ACTIVITY: Where a line in the listing below contains the word "building", copy that line.

SOURCE RECORDS:
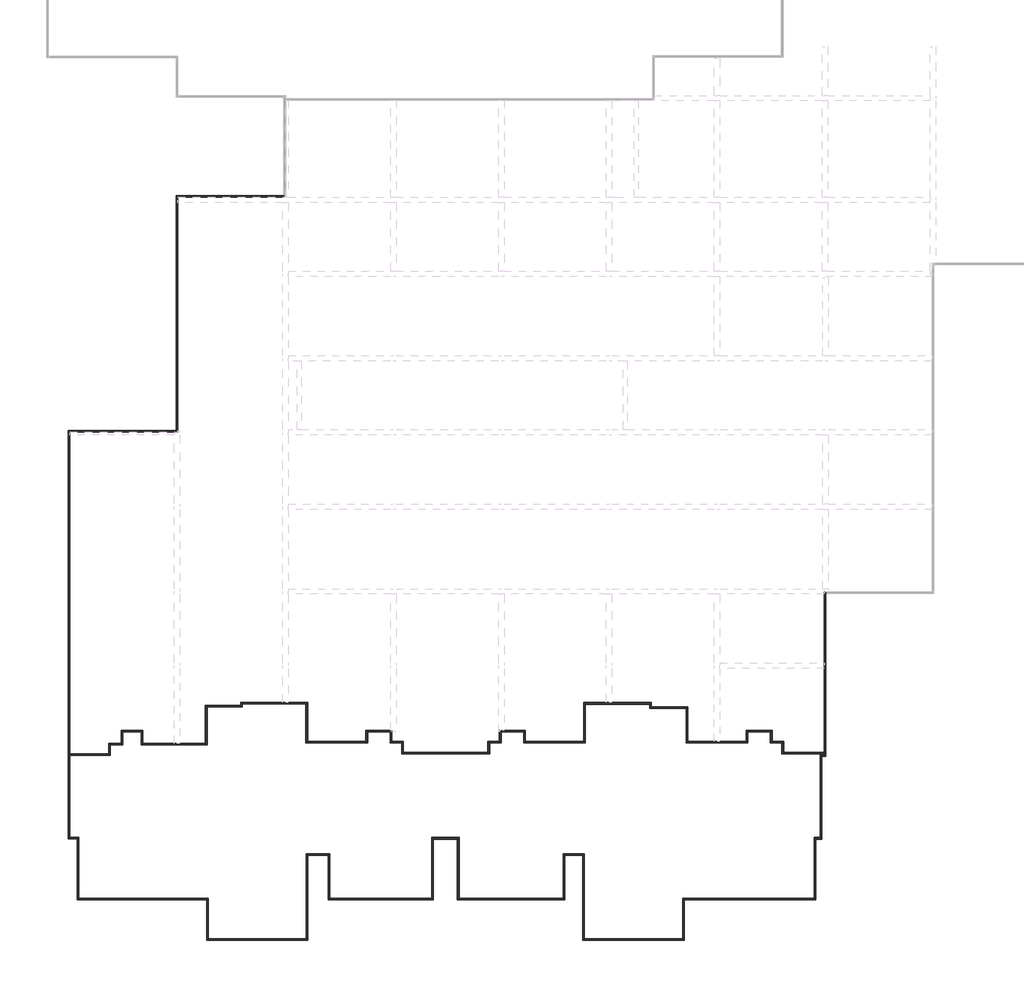
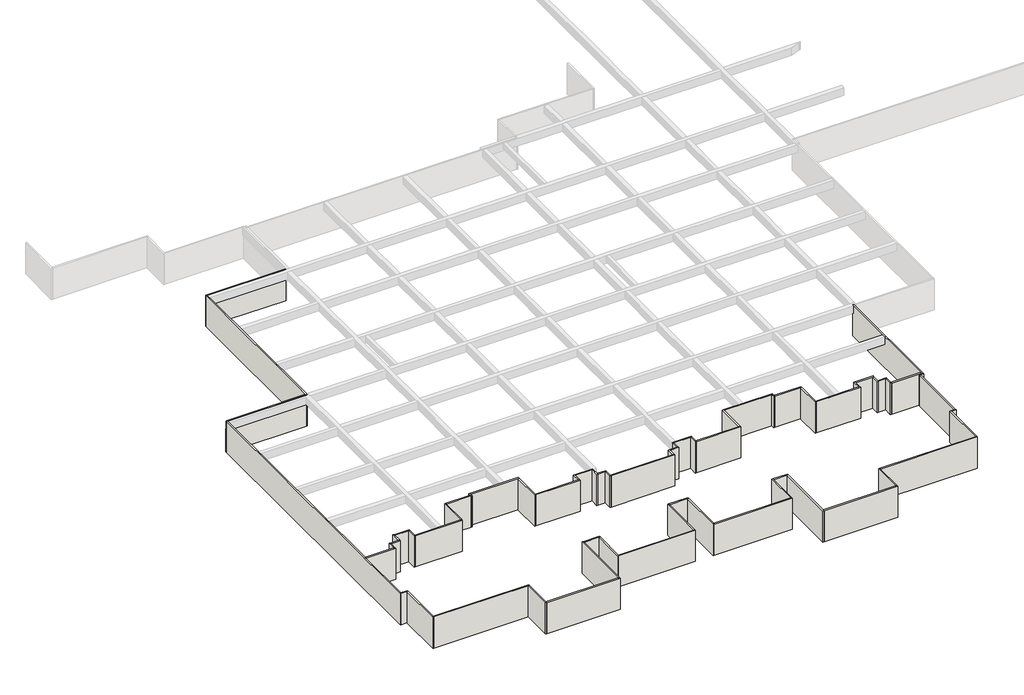
# One storey, part 1 of 14: 65 walls.
"""IFC4 building model written with IfcOpenShell, lengths in millimetres."""

from ifc_helpers import new_model, si_unit, origin, origin_with_axes, place, context, project, spatial, polyline, outline, extrude, faceted_brep, element, save

model = new_model("IFC4")

# Units and contexts
model_context = context("Model", 3, world=origin())
ifc_project = project(units=[si_unit("LENGTHUNIT", "METRE", prefix="MILLI")], contexts=[model_context])

# Site, building, storey
site = spatial("IfcSite", under=ifc_project)
building = spatial("IfcBuilding", under=site)
storey = spatial("IfcBuildingStorey", under=building, Name="户型图", Elevation=0.0)

# Walls
placement = place(None, origin())
element("IfcWall", 1, ObjectType="所有墙体", at=placement, inside=storey, context=model_context, shape_type="Brep", body=[
    faceted_brep([(-578191.2602569, -192711.2417661, 0.0), (-586191.2602569, -192711.2417661, 0.0), (-586191.2602569, -192711.2417661, 3300.0), (-578267.6529954, -192711.2417661, 3300.0), (-578191.2602569, -192711.2417661, 3300.0), (-578191.2602569, -192711.2417661, 2500.0), (-578191.2602569, -192831.2417661, 0.0), (-578191.2602569, -192831.2417661, 3300.0), (-578267.6529954, -192831.2417661, 3300.0), (-586071.2602569, -192831.2417661, 3300.0), (-586191.2602569, -192831.2417661, 3300.0), (-586191.2602569, -192831.2417661, 0.0), (-586071.2602569, -192831.2417661, 0.0)], [[[0, 1, 2, 3, 4, 5]], [[6, 7, 8, 9, 10, 11, 12]], [[1, 0, 6, 12, 11]], [[4, 3, 2, 10, 9, 8, 7]], [[0, 5, 4, 7, 6]], [[2, 1, 11, 10]]]),
])
element("IfcWall", 2, ObjectType="所有墙体", at=placement, inside=storey, context=model_context, shape_type="Brep", body=[
    faceted_brep([(-586191.2602569, -192831.2417661, 0.0), (-586191.2602569, -210132.8565135, 0.0), (-586191.2602569, -210252.8565135, 0.0), (-586191.2602569, -210252.8565135, 3300.0), (-586191.2602569, -210132.8565135, 3300.0), (-586191.2602569, -210092.8565135, 3300.0), (-586191.2602569, -192831.2417661, 3300.0), (-586071.2602569, -192831.2417661, 0.0), (-586071.2602569, -192831.2417661, 3300.0), (-586071.2602569, -210092.8565135, 3300.0), (-586071.2602569, -210132.8565135, 3300.0), (-586071.2602569, -210252.8565135, 3300.0), (-586071.2602569, -210252.8565135, 2500.0), (-586071.2602569, -210252.8565135, 0.0)], [[[0, 1, 2, 3, 4, 5, 6]], [[7, 8, 9, 10, 11, 12, 13]], [[2, 1, 0, 7, 13]], [[6, 5, 4, 3, 11, 10, 9, 8]], [[0, 6, 8, 7]], [[3, 2, 13, 12, 11]]]),
])
element("IfcWall", 3, ObjectType="所有墙体", at=placement, inside=storey, context=model_context, shape_type="Brep", body=[
    faceted_brep([(-586191.2602569, -210132.8565135, 0.0), (-594191.2602569, -210132.8565135, 0.0), (-594191.2602569, -210132.8565135, 3300.0), (-586191.2602569, -210132.8565135, 3300.0), (-586191.2602569, -210252.8565135, 0.0), (-586191.2602569, -210252.8565135, 3300.0), (-594071.2602569, -210252.8565135, 3300.0), (-594191.2602569, -210252.8565135, 3300.0), (-594191.2602569, -210252.8565135, 0.0), (-594071.2602569, -210252.8565135, 0.0)], [[[0, 1, 2, 3]], [[4, 5, 6, 7, 8, 9]], [[1, 0, 4, 9, 8]], [[3, 2, 7, 6, 5]], [[0, 3, 5, 4]], [[2, 1, 8, 7]]]),
])
element("IfcWall", 4, ObjectType="所有墙体", at=placement, inside=storey, context=model_context, shape_type="Brep", body=[
    faceted_brep([(-594191.2602569, -210252.8565135, 0.0), (-594191.2602569, -240452.8565135, 0.0), (-594191.2602569, -240452.8565135, 3300.0), (-594191.2602569, -210252.8565135, 3300.0), (-594071.2602569, -210252.8565135, 0.0), (-594071.2602569, -210252.8565135, 3300.0), (-594071.2602569, -234140.252781, 3300.0), (-594071.2602569, -234260.252781, 3300.0), (-594071.2602569, -240332.8565135, 3300.0), (-594071.2602569, -240452.8565135, 3300.0), (-594071.2602569, -240452.8565135, 0.0), (-594071.2602569, -240332.8565135, 0.0), (-594071.2602569, -234260.252781, 0.0), (-594071.2602569, -234140.252781, 0.0)], [[[0, 1, 2, 3]], [[4, 5, 6, 7, 8, 9, 10, 11, 12, 13]], [[1, 0, 4, 13, 12, 11, 10]], [[3, 2, 9, 8, 7, 6, 5]], [[0, 3, 5, 4]], [[2, 1, 10, 9]]]),
])
element("IfcWall", 5, ObjectType="所有墙体", at=placement, inside=storey, context=model_context, shape_type="Brep", body=[
    faceted_brep([(-594071.2602569, -240452.8565135, 0.0), (-593517.7604721, -240452.8565135, 0.0), (-593397.7604721, -240452.8565135, 0.0), (-593397.7604721, -240452.8565135, 3300.0), (-593517.7604721, -240452.8565135, 3300.0), (-594071.2602569, -240452.8565135, 3300.0), (-594071.2602569, -240332.8565135, 0.0), (-594071.2602569, -240332.8565135, 3300.0), (-593397.7604721, -240332.8565135, 3300.0), (-593397.7604721, -240332.8565135, 0.0)], [[[0, 1, 2, 3, 4, 5]], [[6, 7, 8, 9]], [[2, 1, 0, 6, 9]], [[5, 4, 3, 8, 7]], [[0, 5, 7, 6]], [[3, 2, 9, 8]]]),
])
element("IfcWall", 6, ObjectType="所有墙体", at=placement, inside=storey, context=model_context, shape_type="Brep", body=[
    faceted_brep([(-593517.7604721, -240452.8565135, 0.0), (-593517.7604721, -244961.010998, 0.0), (-593517.7604721, -244961.010998, 3300.0), (-593517.7604721, -240452.8565135, 3300.0), (-593397.7604721, -240452.8565135, 0.0), (-593397.7604721, -240452.8565135, 3300.0), (-593397.7604721, -244841.010998, 3300.0), (-593397.7604721, -244961.010998, 3300.0), (-593397.7604721, -244961.010998, 0.0), (-593397.7604721, -244841.010998, 0.0)], [[[0, 1, 2, 3]], [[4, 5, 6, 7, 8, 9]], [[1, 0, 4, 9, 8]], [[3, 2, 7, 6, 5]], [[0, 3, 5, 4]], [[2, 1, 8, 7]]]),
])
element("IfcWall", 7, ObjectType="所有墙体", at=placement, inside=storey, context=model_context, shape_type="Brep", body=[
    faceted_brep([(-593397.7604721, -244961.010998, 0.0), (-583922.7851213, -244961.010998, 0.0), (-583802.7851213, -244961.010998, 0.0), (-583802.7851213, -244961.010998, 3300.0), (-583922.7851213, -244961.010998, 3300.0), (-593397.7604721, -244961.010998, 3300.0), (-593397.7604721, -244841.010998, 0.0), (-593397.7604721, -244841.010998, 3300.0), (-583802.7851213, -244841.010998, 3300.0), (-583802.7851213, -244841.010998, 0.0)], [[[0, 1, 2, 3, 4, 5]], [[6, 7, 8, 9]], [[2, 1, 0, 6, 9]], [[5, 4, 3, 8, 7]], [[0, 5, 7, 6]], [[3, 2, 9, 8]]]),
])
element("IfcWall", 8, ObjectType="所有墙体", at=placement, inside=storey, context=model_context, shape_type="Brep", body=[
    faceted_brep([(-583922.7851213, -244961.010998, 0.0), (-583922.7851213, -247971.7198422, 0.0), (-583922.7851213, -247971.7198422, 3300.0), (-583922.7851213, -244961.010998, 3300.0), (-583802.7851213, -244961.010998, 0.0), (-583802.7851213, -244961.010998, 3300.0), (-583802.7851213, -247851.7198422, 3300.0), (-583802.7851213, -247971.7198422, 3300.0), (-583802.7851213, -247971.7198422, 0.0), (-583802.7851213, -247851.7198422, 0.0)], [[[0, 1, 2, 3]], [[4, 5, 6, 7, 8, 9]], [[1, 0, 4, 9, 8]], [[3, 2, 7, 6, 5]], [[0, 3, 5, 4]], [[2, 1, 8, 7]]]),
])
element("IfcWall", 9, ObjectType="所有墙体", at=placement, inside=storey, context=model_context, shape_type="Brep", body=[
    faceted_brep([(-583802.7851213, -247971.7198422, 0.0), (-576406.141893, -247971.7198422, 0.0), (-576406.141893, -247971.7198422, 3300.0), (-583802.7851213, -247971.7198422, 3300.0), (-583802.7851213, -247851.7198422, 0.0), (-583802.7851213, -247851.7198422, 3300.0), (-576526.141893, -247851.7198422, 3300.0), (-576406.141893, -247851.7198422, 3300.0), (-576406.141893, -247851.7198422, 0.0), (-576526.141893, -247851.7198422, 0.0)], [[[0, 1, 2, 3]], [[4, 5, 6, 7, 8, 9]], [[1, 0, 4, 9, 8]], [[3, 2, 7, 6, 5]], [[0, 3, 5, 4]], [[2, 1, 8, 7]]]),
])
element("IfcWall", 10, ObjectType="所有墙体", at=placement, inside=storey, context=model_context, shape_type="Brep", body=[
    faceted_brep([(-576406.141893, -247851.7198422, 0.0), (-576406.141893, -241679.9697972, 0.0), (-576406.141893, -241559.9697972, 0.0), (-576406.141893, -241559.9697972, 3300.0), (-576406.141893, -241679.9697972, 3300.0), (-576406.141893, -247851.7198422, 3300.0), (-576526.141893, -247851.7198422, 0.0), (-576526.141893, -247851.7198422, 3300.0), (-576526.141893, -241559.9697972, 3300.0), (-576526.141893, -241559.9697972, 0.0)], [[[0, 1, 2, 3, 4, 5]], [[6, 7, 8, 9]], [[2, 1, 0, 6, 9]], [[5, 4, 3, 8, 7]], [[0, 5, 7, 6]], [[3, 2, 9, 8]]]),
])
element("IfcWall", 11, ObjectType="所有墙体", at=placement, inside=storey, context=model_context, shape_type="Brep", body=[
    faceted_brep([(-576406.141893, -241679.9697972, 0.0), (-574919.1182202, -241679.9697972, 0.0), (-574799.1182202, -241679.9697972, 0.0), (-574799.1182202, -241679.9697972, 3300.0), (-574919.1182202, -241679.9697972, 3300.0), (-576406.141893, -241679.9697972, 3300.0), (-576406.141893, -241559.9697972, 0.0), (-576406.141893, -241559.9697972, 3300.0), (-574799.1182202, -241559.9697972, 3300.0), (-574799.1182202, -241559.9697972, 0.0)], [[[0, 1, 2, 3, 4, 5]], [[6, 7, 8, 9]], [[2, 1, 0, 6, 9]], [[5, 4, 3, 8, 7]], [[0, 5, 7, 6]], [[3, 2, 9, 8]]]),
])
element("IfcWall", 12, ObjectType="所有墙体", at=placement, inside=storey, context=model_context, shape_type="Brep", body=[
    faceted_brep([(-574919.1182202, -241679.9697972, 0.0), (-574919.1182202, -244961.010998, 0.0), (-574919.1182202, -244961.010998, 3300.0), (-574919.1182202, -241679.9697972, 3300.0), (-574799.1182202, -241679.9697972, 0.0), (-574799.1182202, -241679.9697972, 3300.0), (-574799.1182202, -244841.010998, 3300.0), (-574799.1182202, -244961.010998, 3300.0), (-574799.1182202, -244961.010998, 0.0), (-574799.1182202, -244841.010998, 0.0)], [[[0, 1, 2, 3]], [[4, 5, 6, 7, 8, 9]], [[1, 0, 4, 9, 8]], [[3, 2, 7, 6, 5]], [[0, 3, 5, 4]], [[2, 1, 8, 7]]]),
])
element("IfcWall", 13, ObjectType="所有墙体", at=placement, inside=storey, context=model_context, shape_type="Brep", body=[
    faceted_brep([(-574799.1182202, -244961.010998, 0.0), (-567099.1182202, -244961.010998, 0.0), (-567099.1182202, -244961.010998, 3300.0), (-574799.1182202, -244961.010998, 3300.0), (-574799.1182202, -244841.010998, 0.0), (-574799.1182202, -244841.010998, 3300.0), (-567219.1182202, -244841.010998, 3300.0), (-567099.1182202, -244841.010998, 3300.0), (-567099.1182202, -244841.010998, 0.0), (-567219.1182202, -244841.010998, 0.0)], [[[0, 1, 2, 3]], [[4, 5, 6, 7, 8, 9]], [[1, 0, 4, 9, 8]], [[3, 2, 7, 6, 5]], [[0, 3, 5, 4]], [[2, 1, 8, 7]]]),
])
element("IfcWall", 14, ObjectType="所有墙体", at=placement, inside=storey, context=model_context, shape_type="Brep", body=[
    faceted_brep([(-567099.1182202, -244841.010998, 0.0), (-567099.1182202, -240461.010998, 0.0), (-567099.1182202, -240341.010998, 0.0), (-567099.1182202, -240341.010998, 3300.0), (-567099.1182202, -240461.010998, 3300.0), (-567099.1182202, -244841.010998, 3300.0), (-567219.1182202, -244841.010998, 0.0), (-567219.1182202, -244841.010998, 3300.0), (-567219.1182202, -240341.010998, 3300.0), (-567219.1182202, -240341.010998, 0.0)], [[[0, 1, 2, 3, 4, 5]], [[6, 7, 8, 9]], [[2, 1, 0, 6, 9]], [[5, 4, 3, 8, 7]], [[0, 5, 7, 6]], [[3, 2, 9, 8]]]),
])
element("IfcWall", 15, ObjectType="所有墙体", at=placement, inside=storey, context=model_context, shape_type="Brep", body=[
    faceted_brep([(-567099.1182202, -240461.010998, 0.0), (-565319.1182202, -240461.010998, 0.0), (-565199.1182202, -240461.010998, 0.0), (-565199.1182202, -240461.010998, 3300.0), (-565319.1182202, -240461.010998, 3300.0), (-567099.1182202, -240461.010998, 3300.0), (-567099.1182202, -240341.010998, 0.0), (-567099.1182202, -240341.010998, 3300.0), (-565199.1182202, -240341.010998, 3300.0), (-565199.1182202, -240341.010998, 0.0)], [[[0, 1, 2, 3, 4, 5]], [[6, 7, 8, 9]], [[2, 1, 0, 6, 9]], [[5, 4, 3, 8, 7]], [[0, 5, 7, 6]], [[3, 2, 9, 8]]]),
])
element("IfcWall", 16, ObjectType="所有墙体", at=placement, inside=storey, context=model_context, shape_type="Brep", body=[
    faceted_brep([(-565319.1182202, -240461.010998, 0.0), (-565319.1182202, -244961.010998, 0.0), (-565319.1182202, -244961.010998, 3300.0), (-565319.1182202, -240461.010998, 3300.0), (-565199.1182202, -240461.010998, 0.0), (-565199.1182202, -240461.010998, 3300.0), (-565199.1182202, -244841.010998, 3300.0), (-565199.1182202, -244961.010998, 3300.0), (-565199.1182202, -244961.010998, 0.0), (-565199.1182202, -244841.010998, 0.0)], [[[0, 1, 2, 3]], [[4, 5, 6, 7, 8, 9]], [[1, 0, 4, 9, 8]], [[3, 2, 7, 6, 5]], [[0, 3, 5, 4]], [[2, 1, 8, 7]]]),
])
element("IfcWall", 17, ObjectType="所有墙体", at=placement, inside=storey, context=model_context, shape_type="Brep", body=[
    faceted_brep([(-565199.1182202, -244961.010998, 0.0), (-557352.768648, -244961.010998, 0.0), (-557352.768648, -244961.010998, 3300.0), (-565199.1182202, -244961.010998, 3300.0), (-565199.1182202, -244841.010998, 0.0), (-565199.1182202, -244841.010998, 3300.0), (-557472.768648, -244841.010998, 3300.0), (-557352.768648, -244841.010998, 3300.0), (-557352.768648, -244841.010998, 0.0), (-557472.768648, -244841.010998, 0.0)], [[[0, 1, 2, 3]], [[4, 5, 6, 7, 8, 9]], [[1, 0, 4, 9, 8]], [[3, 2, 7, 6, 5]], [[0, 3, 5, 4]], [[2, 1, 8, 7]]]),
])
element("IfcWall", 18, ObjectType="所有墙体", at=placement, inside=storey, context=model_context, shape_type="Brep", body=[
    faceted_brep([(-557352.768648, -244841.010998, 0.0), (-557352.768648, -241679.9697972, 0.0), (-557352.768648, -241559.9697972, 0.0), (-557352.768648, -241559.9697972, 3300.0), (-557352.768648, -241679.9697972, 3300.0), (-557352.768648, -244841.010998, 3300.0), (-557472.768648, -244841.010998, 0.0), (-557472.768648, -244841.010998, 3300.0), (-557472.768648, -241559.9697972, 3300.0), (-557472.768648, -241559.9697972, 0.0)], [[[0, 1, 2, 3, 4, 5]], [[6, 7, 8, 9]], [[2, 1, 0, 6, 9]], [[5, 4, 3, 8, 7]], [[0, 5, 7, 6]], [[3, 2, 9, 8]]]),
])
element("IfcWall", 19, ObjectType="所有墙体", at=placement, inside=storey, context=model_context, shape_type="Brep", body=[
    faceted_brep([(-557352.768648, -241679.9697972, 0.0), (-556019.1064476, -241679.9697972, 0.0), (-555899.1064476, -241679.9697972, 0.0), (-555899.1064476, -241679.9697972, 3300.0), (-556019.1064476, -241679.9697972, 3300.0), (-557352.768648, -241679.9697972, 3300.0), (-557352.768648, -241559.9697972, 0.0), (-557352.768648, -241559.9697972, 3300.0), (-555899.1064476, -241559.9697972, 3300.0), (-555899.1064476, -241559.9697972, 0.0)], [[[0, 1, 2, 3, 4, 5]], [[6, 7, 8, 9]], [[2, 1, 0, 6, 9]], [[5, 4, 3, 8, 7]], [[0, 5, 7, 6]], [[3, 2, 9, 8]]]),
])
element("IfcWall", 20, ObjectType="所有墙体", at=placement, inside=storey, context=model_context, shape_type="Brep", body=[
    faceted_brep([(-556019.1064476, -241679.9697972, 0.0), (-556019.1064476, -247971.7198422, 0.0), (-556019.1064476, -247971.7198422, 3300.0), (-556019.1064476, -241679.9697972, 3300.0), (-555899.1064476, -241679.9697972, 0.0), (-555899.1064476, -241679.9697972, 3300.0), (-555899.1064476, -247851.7198422, 3300.0), (-555899.1064476, -247971.7198422, 3300.0), (-555899.1064476, -247971.7198422, 0.0), (-555899.1064476, -247851.7198422, 0.0)], [[[0, 1, 2, 3]], [[4, 5, 6, 7, 8, 9]], [[1, 0, 4, 9, 8]], [[3, 2, 7, 6, 5]], [[0, 3, 5, 4]], [[2, 1, 8, 7]]]),
])
element("IfcWall", 21, ObjectType="所有墙体", at=placement, inside=storey, context=model_context, shape_type="Brep", body=[
    faceted_brep([(-555899.1064476, -247971.7198422, 0.0), (-548506.1227729, -247971.7198422, 0.0), (-548506.1227729, -247971.7198422, 3300.0), (-555899.1064476, -247971.7198422, 3300.0), (-555899.1064476, -247851.7198422, 0.0), (-555899.1064476, -247851.7198422, 3300.0), (-548626.1227729, -247851.7198422, 3300.0), (-548506.1227729, -247851.7198422, 3300.0), (-548506.1227729, -247851.7198422, 0.0), (-548626.1227729, -247851.7198422, 0.0)], [[[0, 1, 2, 3]], [[4, 5, 6, 7, 8, 9]], [[1, 0, 4, 9, 8]], [[3, 2, 7, 6, 5]], [[0, 3, 5, 4]], [[2, 1, 8, 7]]]),
])
element("IfcWall", 22, ObjectType="所有墙体", at=placement, inside=storey, context=model_context, shape_type="Brep", body=[
    faceted_brep([(-548506.1227729, -247851.7198422, 0.0), (-548506.1227729, -244961.010998, 0.0), (-548506.1227729, -244841.010998, 0.0), (-548506.1227729, -244841.010998, 3300.0), (-548506.1227729, -244961.010998, 3300.0), (-548506.1227729, -247851.7198422, 3300.0), (-548626.1227729, -247851.7198422, 0.0), (-548626.1227729, -247851.7198422, 3300.0), (-548626.1227729, -244841.010998, 3300.0), (-548626.1227729, -244841.010998, 0.0)], [[[0, 1, 2, 3, 4, 5]], [[6, 7, 8, 9]], [[2, 1, 0, 6, 9]], [[5, 4, 3, 8, 7]], [[0, 5, 7, 6]], [[3, 2, 9, 8]]]),
])
element("IfcWall", 23, ObjectType="所有墙体", at=placement, inside=storey, context=model_context, shape_type="Brep", body=[
    faceted_brep([(-548506.1227729, -244961.010998, 0.0), (-538752.7570659, -244961.010998, 0.0), (-538752.7570659, -244961.010998, 3300.0), (-548506.1227729, -244961.010998, 3300.0), (-548506.1227729, -244841.010998, 0.0), (-548506.1227729, -244841.010998, 3300.0), (-538872.7570659, -244841.010998, 3300.0), (-538752.7570659, -244841.010998, 3300.0), (-538752.7570659, -244841.010998, 0.0), (-538872.7570659, -244841.010998, 0.0)], [[[0, 1, 2, 3]], [[4, 5, 6, 7, 8, 9]], [[1, 0, 4, 9, 8]], [[3, 2, 7, 6, 5]], [[0, 3, 5, 4]], [[2, 1, 8, 7]]]),
])
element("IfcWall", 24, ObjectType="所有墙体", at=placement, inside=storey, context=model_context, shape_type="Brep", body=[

RESULT FOR THIS TASK:
"""IFC4 building model written with IfcOpenShell, lengths in millimetres."""
# Site, building, storey
building = spatial("IfcBuilding", under=site)
storey = spatial("IfcBuildingStorey", under=building, Name="户型图", Elevation=0.0)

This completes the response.